# German Blue Ram stressed out?



## hvuong (Nov 16, 2007)

I had 4 GBR's, two males and two females, one of them died about 2 or 3 weeks back. How the first died was i found him hiding behind the filter inlet and his head was black so i assumed he was stressed and probably because the other male claimed dominance so i removed him to a hospital tank but he died 3 days later after not changing back to his normal color, not eating, and swimming erratically. So about 3 days ago i saw my last remaining male on the bottom of my tank and also with the black head. I dont see any reasons why he would do this.
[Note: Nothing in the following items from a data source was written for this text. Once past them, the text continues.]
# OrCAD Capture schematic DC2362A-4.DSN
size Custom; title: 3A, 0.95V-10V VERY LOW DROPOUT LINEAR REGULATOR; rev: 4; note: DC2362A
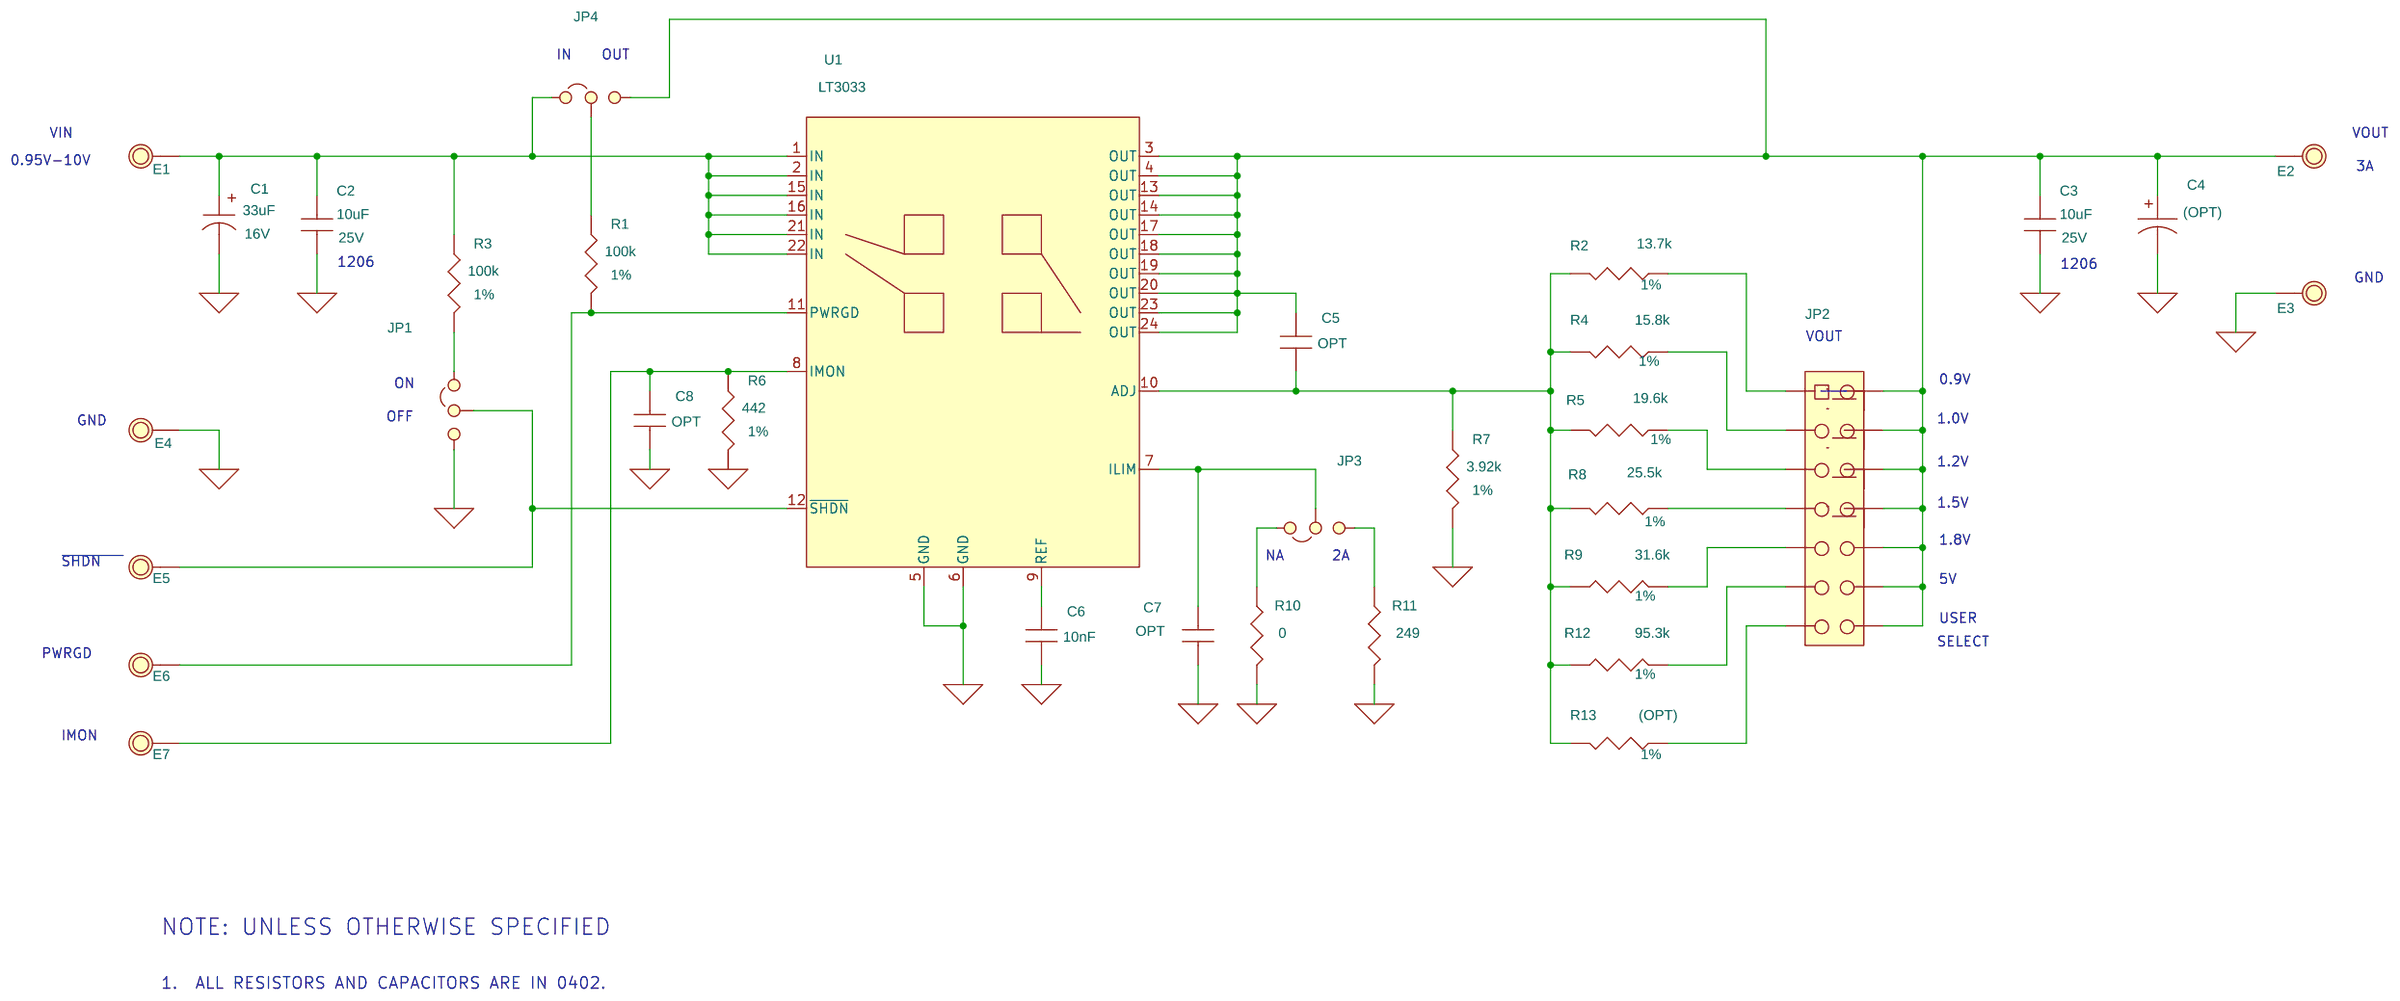
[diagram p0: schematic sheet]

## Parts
C1  33uF  [CAP6032]
C2  10uF  [CAP1206]
C3  10uF  [CAP1206]
C4  (OPT)  [CAP7343]
C5  OPT  [0402]
C6  10nF  [0402]
C7  OPT  [0402]
C8  OPT  [0402]
E1  Testpoint  [MM/2501]
E2  Testpoint  [MM/2501]
E3  Testpoint  [MM/2501]
E4  Testpoint  [MM/2501]
E5  Testpoint  [MM/2501]
E6  Testpoint  [MM/2501]
E7  Testpoint  [MM/2501]
JP1  JP3X1/079\NO\23  [JP3X1/079]
JP2  JP7X2/079  [JP7X2/079]
JP3  JP3X1/079\NO\23  [JP3X1/079]
JP4  JP3X1/079\NO\23  [JP3X1/079]
R1  100k  [0402]
R2  13.7k  [0402]
R3  100k  [0402]
R4  15.8k  [0402]
R5  19.6k  [0402]
R6  442  [0402]
R7  3.92k  [0402]
R8  25.5k  [0402]
R9  31.6k  [0402]
R10  0  [0402]
R11  249  [0402]
R12  95.3k  [0402]
R13  (OPT)  [0402]
U1  LT3033  [UDC-3x4-LT3033]

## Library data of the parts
C1 = CAP+6032: 1ST PART FIELD: 16V
C2 C3 = CAP1206: 1ST PART FIELD: 25V
C4 = CAP__1: 1ST PART FIELD: V; 5TH PART FIELD: 7343
C5-C8 = CAP0402
E1-E7 = MillMax-2501
JP1 JP3 JP4 = JP3X1_079_NO_23
JP2 = JP7X2_079
R1-R13 = AAC-0402: 2ND PART FIELD: 1%
U1 = LT3022EDHC_9

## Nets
GND_SIGNAL: C1.2 C2.2 C3.2 C4.2 C6.2 C7.2 C8.2 E3.1 E4.1 JP1.1 R6.2 R7.2 R10.2 R11.2 U1.5(GND) U1.6(GND)
N00461: C1.1 C2.1 E1.1 JP4.3 R3.1 U1.1(IN) U1.2(IN) U1.15(IN) U1.16(IN) U1.21(IN) U1.22(IN)
N00744: JP1.3 R3.2
N03420: C5.2 R2.2 R4.2 R5.2 R7.1 R8.2 R9.1 R12.1 R13.2 U1.10(ADJ)
N03622: C3.1 C4.1 C5.1 E2.1 JP2.2 JP2.4 JP2.6 JP2.8 JP2.10 JP2.12 JP2.14 JP4.1 U1.3(OUT) U1.4(OUT) U1.13(OUT) U1.14(OUT) U1.17(OUT) U1.18(OUT) U1.19(OUT) U1.20(OUT) U1.23(OUT) U1.24(OUT)
N16477033: E5.1 JP1.2 U1.12(~{SHDN})
N16483036: JP2.13 R13.1
N16483258: JP2.3 R4.1
N16483262: JP2.9 R9.2
N16487159: JP2.7 R8.1
N16500748: JP2.5 R5.1
N16501607: JP2.1 R2.1
N16518551: JP2.11 R12.2
N16518865: C6.1 U1.9(REF)
N16519583: E6.1 R1.2 U1.11(PWRGD)
N16519620: C8.1 E7.1 R6.1 U1.8(IMON)
N16523293: C7.1 JP3.2 U1.7(ILIM)
N16523379: JP3.3 R10.1
N16523618: JP3.1 R11.1
N16526195: JP4.2 R1.1

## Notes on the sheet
- IN
- OUT
- VIN
- VOUT
- 0.95V-10V
- 3A
- 1206
- 1206
- GND
- VOUT
- ON
- 0.9V
- OFF
- GND
- 1.0V
- 1.2V
- 1.5V
- NA
- 2A
- 1.8V
- SHDN
- 5V
- USER
- SELECT
- PWRGD
- IMON
- NOTE: UNLESS OTHERWISE SPECIFIED
- 1.  ALL RESISTORS AND CAPACITORS ARE IN 0402.
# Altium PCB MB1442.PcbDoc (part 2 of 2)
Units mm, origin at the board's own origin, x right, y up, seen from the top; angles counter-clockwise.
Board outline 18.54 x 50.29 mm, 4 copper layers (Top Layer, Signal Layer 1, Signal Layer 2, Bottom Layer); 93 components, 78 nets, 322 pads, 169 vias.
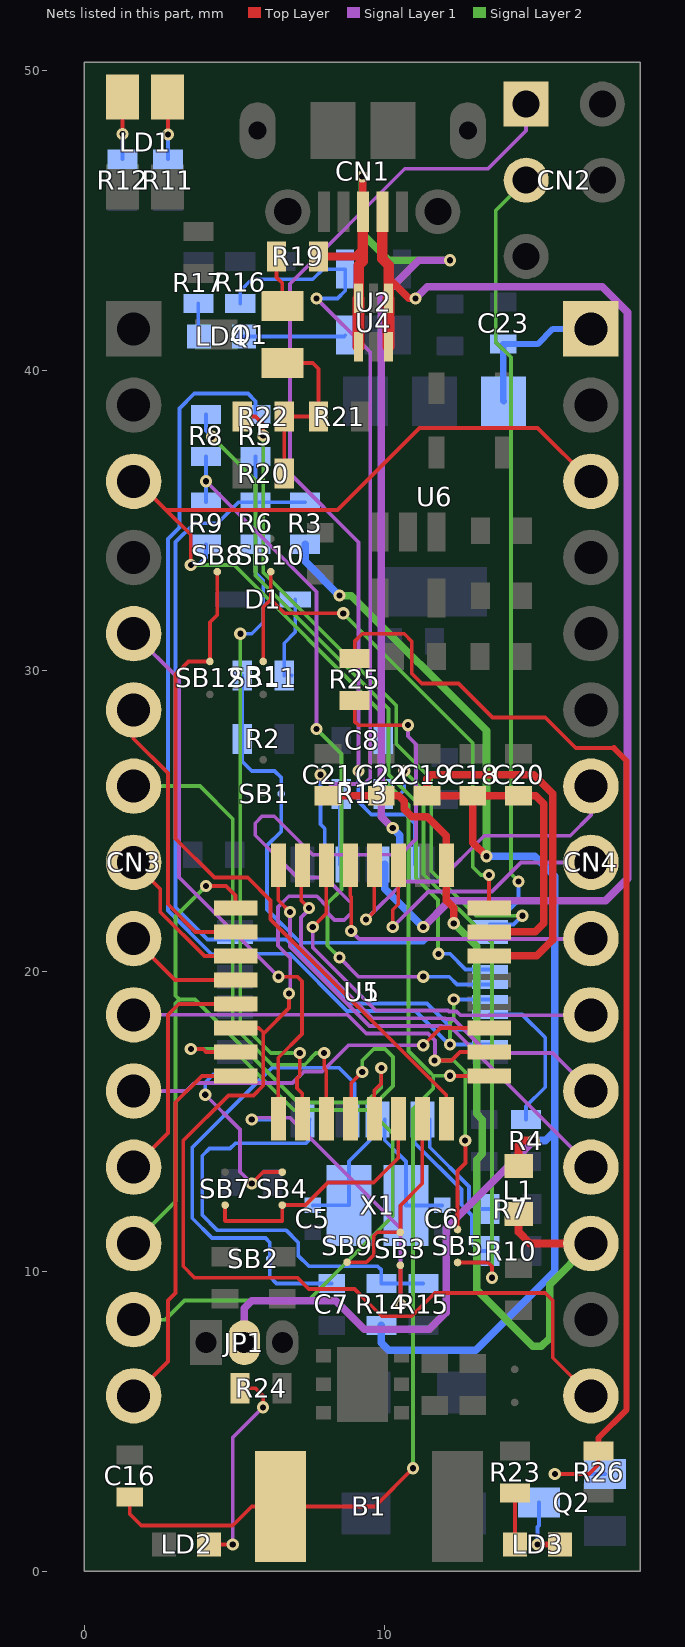
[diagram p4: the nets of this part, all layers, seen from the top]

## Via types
v1: diameter 0.406, hole 0.203, Top Layer to Bottom Layer, tented both sides, 169 vias

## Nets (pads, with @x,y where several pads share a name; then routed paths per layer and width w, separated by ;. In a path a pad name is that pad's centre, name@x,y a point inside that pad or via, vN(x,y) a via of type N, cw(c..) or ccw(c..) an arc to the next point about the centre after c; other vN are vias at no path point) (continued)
NetD1_2: D1.2 R1.1 | length 2.7
  Bottom Layer w0.127: R1.1@6.669,29.845 6.669,30.926 7.039,31.296 D1.2@7.039,32.385 ; R1.1@6.912,29.856 R1.1@6.923,29.845
NetLD1_2: LD1.2 R12.2 | length 2.1
  Top Layer w0.127: v1(1.282,47.891) LD1.2@1.282,49.125
  Bottom Layer w0.127: R12.2@1.282,47.055 v1(1.282,47.891)
NetLD1_3: LD1.3 R11.2 | length 2.1
  Top Layer w0.127: v1(2.794,47.879) LD1.3@2.794,49.113
  Bottom Layer w0.127: R11.2@2.794,47.055 v1(2.794,47.879)
NetLD2_1: LD2.1 R24.1 | length 7
  Top Layer w0.127: LD2.1@4.167,0.889 v1(4.953,0.889) ; R24.1@5.2,6.096 5.715,6.096 5.969,5.842 5.969,5.468 v1(5.962,5.461)
  Signal Layer 1 w0.127: v1(4.953,0.889) 4.953,4.452 v1(5.962,5.461)
NetLD3_1: LD3.1 R23.1 | length 1.7
  Top Layer w0.127: LD3.1@14.363,0.889 R23.1@14.363,2.602
NetLD3_2: LD3.2 Q2.3 | length 2.2
  Top Layer w0.203: v1(15.113,0.889) LD3.2@15.863,0.889
  Bottom Layer w0.127: v1(15.113,0.889) 15.113,1.481 15.156,1.524 Q2.3@15.156,2.286
NetLD4_1: LD4.1 R17.1 | length 1.1
  Bottom Layer w0.127: R17.1@3.807,42.245 3.807,41.163 LD4.1@3.822,41.148
NetLD4_2: LD4.2 U2.3 | length 3.4
  Bottom Layer w0.127: LD4.2@5.322,41.148 8.659,41.148 U2.3@8.702,41.191
NetQ1_1: Q1.1 R20.1 R21.2 R22.1 | length 6
  Top Layer w0.127: Q1.1@6.604,40.259 7.62,40.259 7.809,40.07 R21.2@7.809,38.481 R22.1@6.669,38.481 R20.1@6.669,36.576 ; Q1.1@6.604,40.518 Q1.1@6.669,40.453
NetQ1_2: Q1.2 R19.2 | length 1.7
  Top Layer w0.127: R19.2@6.412,43.815 6.412,43.118 6.604,42.926 Q1.2@6.604,42.159
NetQ2_1: Q2.1 R25.2 R26.1 | length 39.2
  Top Layer w0.127: R25.2@9.017,30.418 9.017,30.988 9.271,31.242 10.668,31.242 10.922,30.988 10.922,29.913 11.252,29.583 12.476,29.583 13.611,28.448 15.367,28.448 16.383,27.432 17.653,27.432 ; v1(15.687,3.236) 16.825,3.236 17.145,3.556 R26.1@17.145,4.002
  Top Layer w0.2: R26.1@17.145,4.002 17.145,4.445 18.083,5.383 18.083,27.002 17.653,27.432
  Bottom Layer w0.127: v1(15.687,3.236) Q2.1@17.356,3.236
NetR1_2: R1.2 R2.1 SB1.2 U1.39 | length 16.9
  Bottom Layer w0.127: R1.2@5.269,29.845 R2.1@5.269,27.734 5.269,26.989 5.588,26.67 6.35,26.67 6.569,26.451 SB1.2@6.569,25.908 6.569,24.652 6.096,24.179 6.096,22.054 7.208,20.942 11.318,20.942 11.455,21.079 13.496,21.079 U1.39@13.521,21.054
NetR4_2: R4.2 U1.44 | length 5.2
  Bottom Layer w0.127: U1.44@13.521,18.554 14.593,18.554 15.367,17.78 15.367,16.129 14.732,15.494 R4.2@14.732,15.051
NetR7_2: R7.2 U1.2 | length 4.1
  Bottom Layer w0.127: U1.2@11.521,15.054 11.521,14.129 12.827,12.823 12.827,12.319 13.081,12.065 R7.2@13.524,12.065
NetR10_2: R10.2 U1.3 | length 5.6
  Bottom Layer w0.127: U1.3@11.021,15.054 11.021,14.269 12.573,12.717 12.573,12.214 12.929,11.857 12.929,10.922 13.183,10.668 R10.2@13.524,10.668
NetR13_1: R13.1 U1.29 | length 2.4
  Bottom Layer w0.127: U1.29@8.521,23.554 8.521,25.858 R13.1@8.571,25.908
NetR14_2: R14.2 R15.2 U1.10 | length 15.3
  Bottom Layer w0.127: U1.10@7.521,15.054 7.493,15.026 7.493,14.364 7.393,14.263 5.041,14.263 4.862,14.084 4.178,14.084 3.937,13.843 3.937,11.866 4.445,11.358 6.74,11.358 7.134,10.964 7.134,10.519 7.493,10.16 9.779,10.16 9.906,10.033 R14.2@9.906,9.59 R15.2@11.303,9.59
NetSB3_2: SB3.2 U1.12 | length 11.3
  Top Layer w0.127: v1(10.541,8.89) SB3.2@10.541,10.195
  Signal Layer 1 w0.127: v1@5.588,15.113 6.858,15.113 10.541,11.43 v1(10.541,8.89)
  Bottom Layer w0.127: v1(5.588,15.054) U1.12@6.521,15.054
NetSB4_2: SB4.2 U1.13 | length 6.4
  Top Layer w0.127: v1(5.588,12.919) 5.969,13.3 SB4.2@6.604,13.3
  Signal Layer 1 w0.127: v1(4.038,15.877) 5.194,14.721 5.194,13.313 v1(5.588,12.919)
  Bottom Layer w0.127: v1@4.063,15.852 4.085,15.875 4.084,15.877 v1(4.038,15.877) 4.038,16.29 4.302,16.554 U1.13@5.021,16.554
PA1: CN3.10 SB5.2 U5.2 | length 20.5
  Top Layer w0.127: v1(11.684,17.018) 12.241,17.018 12.527,17.304 U5.2@13.496,17.304 ; SB5.2@12.446,11.387 12.446,13.335 12.713,13.602 12.713,14.465 12.7,14.453 v1(12.7,14.351)
  Signal Layer 1 w0.127: CN3.10@2.159,18.034 CN3.10@1.651,18.542 8.78,18.542 9.402,17.92 11.466,17.92 11.697,17.689 11.697,17.031 v1(11.684,17.018)
  Signal Layer 2 w0.127: v1(11.684,17.018) 12.319,17.018 12.7,16.637 v1(12.7,14.351)
PA2: CN3.11 U5.3 | length 12.7
  Top Layer w0.127: v1(11.303,17.526) 11.881,18.104 U5.3@13.496,18.104
  Signal Layer 1 w0.127: CN3.11@1.651,16.002 3.416,16.002 3.685,16.271 6.951,16.271 7.33,16.65 7.935,16.65 8.812,17.526 v1(11.303,17.526)
PB0: CN4.12 U5.16 | length 15.9
  Top Layer w0.127: U5.16@6.471,23.529 6.471,22.358 v1(6.858,21.971)
  Signal Layer 1 w0.127: v1(6.858,21.971) 6.858,20.823 9.507,18.174 11.92,18.174 11.946,18.148 12.205,18.148 CN4.12@16.891,13.462
PB1: CN4.11 U5.15 | length 14.6
  Top Layer w0.127: U5.15@7.271,23.529 7.239,23.497 7.239,22.352 v1(7.493,22.098)
  Signal Layer 1 w0.127: v1@7.514,22.098 v1(7.493,22.098) 7.493,22.049 7.226,21.783 7.226,20.814 9.612,18.428 12.025,18.428 12.051,18.402 12.31,18.402 13.44,17.272 15.621,17.272 CN4.11@16.891,16.002
PB2: CN4.10 U5.14 | length 13.2
  Top Layer w0.127: v1(7.62,21.463) 8.071,21.914 U5.14@8.071,23.529
  Signal Layer 1 w0.127: v1(7.62,21.463) 7.62,20.779 9.718,18.682 12.131,18.682 12.156,18.656 12.415,18.656 12.542,18.529 16.891,18.529 CN4.10@16.891,18.542
PB3: CN4.9 U5.13 | length 10.3
  Top Layer w0.127: U5.13@8.871,23.529 8.871,22.498 8.903,22.466 8.903,21.339 v1(8.9,21.336)
  Signal Layer 1 w0.127: v1@8.89,21.336 v1(8.9,21.336) 9.167,21.069 16.878,21.069 CN4.9@16.891,21.082
PB4: CN4.7 U5.12 | length 11.8
  Top Layer w0.127: v1(9.398,21.717) 9.671,21.99 U5.12@9.671,23.529
  Signal Layer 1 w0.127: v1(9.398,21.717) 10.668,22.987 11.811,22.987 13.335,24.511 16.202,24.511 16.891,25.2 CN4.7@16.891,26.162
PB5: CN4.8 U5.11 | length 9.6
  Top Layer w0.127: v1(10.287,21.463) 10.287,22.041 10.471,22.225 U5.11@10.471,23.529
  Signal Layer 1 w0.127: v1(10.287,21.463) 11.479,22.655 13.589,22.655 14.556,23.622 CN4.8@16.891,23.622
PC1: CN3.6 U5.18 | length 9.6
  Top Layer w0.127: CN3.6@1.651,28.702 1.651,27.74 2.794,26.597 2.794,22.225 3.715,21.304 U5.18@5.046,21.304
PC2: CN3.8 U5.19 | length 5.1
  Top Layer w0.127: CN3.8@1.651,23.622 2.54,22.733 2.54,21.971 4.007,20.504 U5.19@5.046,20.504
PC3: CN3.9 U5.20 | length 4
  Top Layer w0.127: CN3.9@1.651,21.082 3.029,19.704 U5.20@5.046,19.704
PC4: CN3.12 U5.21 | length 8
  Top Layer w0.127: CN3.12@1.651,13.462 2.794,14.605 2.794,18.542 3.156,18.904 U5.21@5.046,18.904
PC5: CN4.15 R25.1 U5.22 | length 52.9
  Top Layer w0.127: U5.22@5.046,18.104 5.823,18.104 5.969,17.958 5.969,17.907 ; v1(6.833,19.253) 6.833,18.771 5.969,17.907 ; R25.1@9.017,29.018 9.017,28.321 9.144,28.194 v1(10.795,28.194) ; CN4.15@16.891,5.842 15.621,7.112 15.621,9.017 15.367,9.271 11.685,9.271 10.91,8.496 9.919,8.496 9.011,9.404 7.487,9.404 7.112,9.779 3.683,9.779 3.302,10.16 3.302,14.351 4.808,15.857 5.644,15.857 5.969,16.183 5.969,17.907
  Signal Layer 1 w0.127: v1(6.833,19.253) 6.871,19.291 6.871,20.434 6.464,20.841 6.464,22.134 6.822,22.492 7.756,22.492 8.115,22.132 8.115,21.935 8.346,21.704 8.672,21.704 8.903,21.935 8.903,22.261 8.05,23.114 7.112,23.114 5.702,24.524 5.702,24.928 5.933,25.159 6.337,25.159 7.62,23.876 10.541,23.876 11.062,24.397 11.062,27.559 10.795,27.826 v1(10.795,28.194)
PC6: CN3.14 U5.23 U5.28 | length 27.7
  Top Layer w0.127: v1(3.556,17.399) 3.969,17.399 4.064,17.304 U5.23@5.046,17.304 ; U5.28@8.871,15.079 8.903,15.111 8.903,16.269 v1(9.271,16.637)
  Signal Layer 2 w0.127: CN3.14@1.651,8.382 2.712,8.382 3.347,9.017 7.472,9.017 10.287,11.832 10.287,14.583 9.503,15.367 ; v1(3.556,17.399) 4.953,17.399 6.985,15.367 9.503,15.367 ; v1(9.271,16.637) 9.271,17.018 9.652,17.399 10.033,17.399 10.3,17.132 10.3,16.163 9.503,15.367
PC7: CN3.15 U5.24 | length 12.7
  Top Layer w0.127: CN3.15@1.651,5.842 2.794,6.985 2.794,9.017 3.048,9.271 3.048,15.625 3.927,16.504 U5.24@5.046,16.504
PD0: CN3.5 U5.25 | length 19.2
  Top Layer w0.127: U5.25@6.471,15.079 6.471,17.112 7.264,17.905 7.264,19.66 7.112,19.812 v1(6.477,19.812)
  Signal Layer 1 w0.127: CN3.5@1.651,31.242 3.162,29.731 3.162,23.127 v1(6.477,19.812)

He's now in a hospital tank with a drift wood and java moss to cover him and make him feel safe.

Stock in my 30 gallon.
7 cardinal tetras
3 siamese algae eaters
5 botia sidthimunki (dwarf loach)
5 otociclus
and the 3 rams

all the other fishes are fine and none harassed the male.


----------



## lauraleellbp (Feb 3, 2008)

What are the temp and water parameters on your tank? How often and what percentage of water do you change?


----------



## hvuong (Nov 16, 2007)

the temperature has been varying a lot lately cause of the weather here in northern cali. Currently its at 84. It's usually around 80. I need to check water parameters so im not sure.


----------



## hvuong (Nov 16, 2007)

checked my parameters and the water has become very bad. going to fix the problem, thanks


----------



## hvuong (Nov 16, 2007)

actually im not sure if my water paramters are right. Ive lowered the temperature down to 82 and just placed a bag of ice and water in there.

ph 7.6
nitrate is around 40+
nitrite 0
ammonia 0.25
and this is after a 50% water change

Any suggestions on what i should do at this point?


----------



## lauraleellbp (Feb 3, 2008)

Do another water change, and make sure you vacuum your substrate really well. If you have any carbon, add some to your filter. If you have some aquarium salt, also add a few teaspoons to the tank- your fish may have nitrate poisoning and salt helps.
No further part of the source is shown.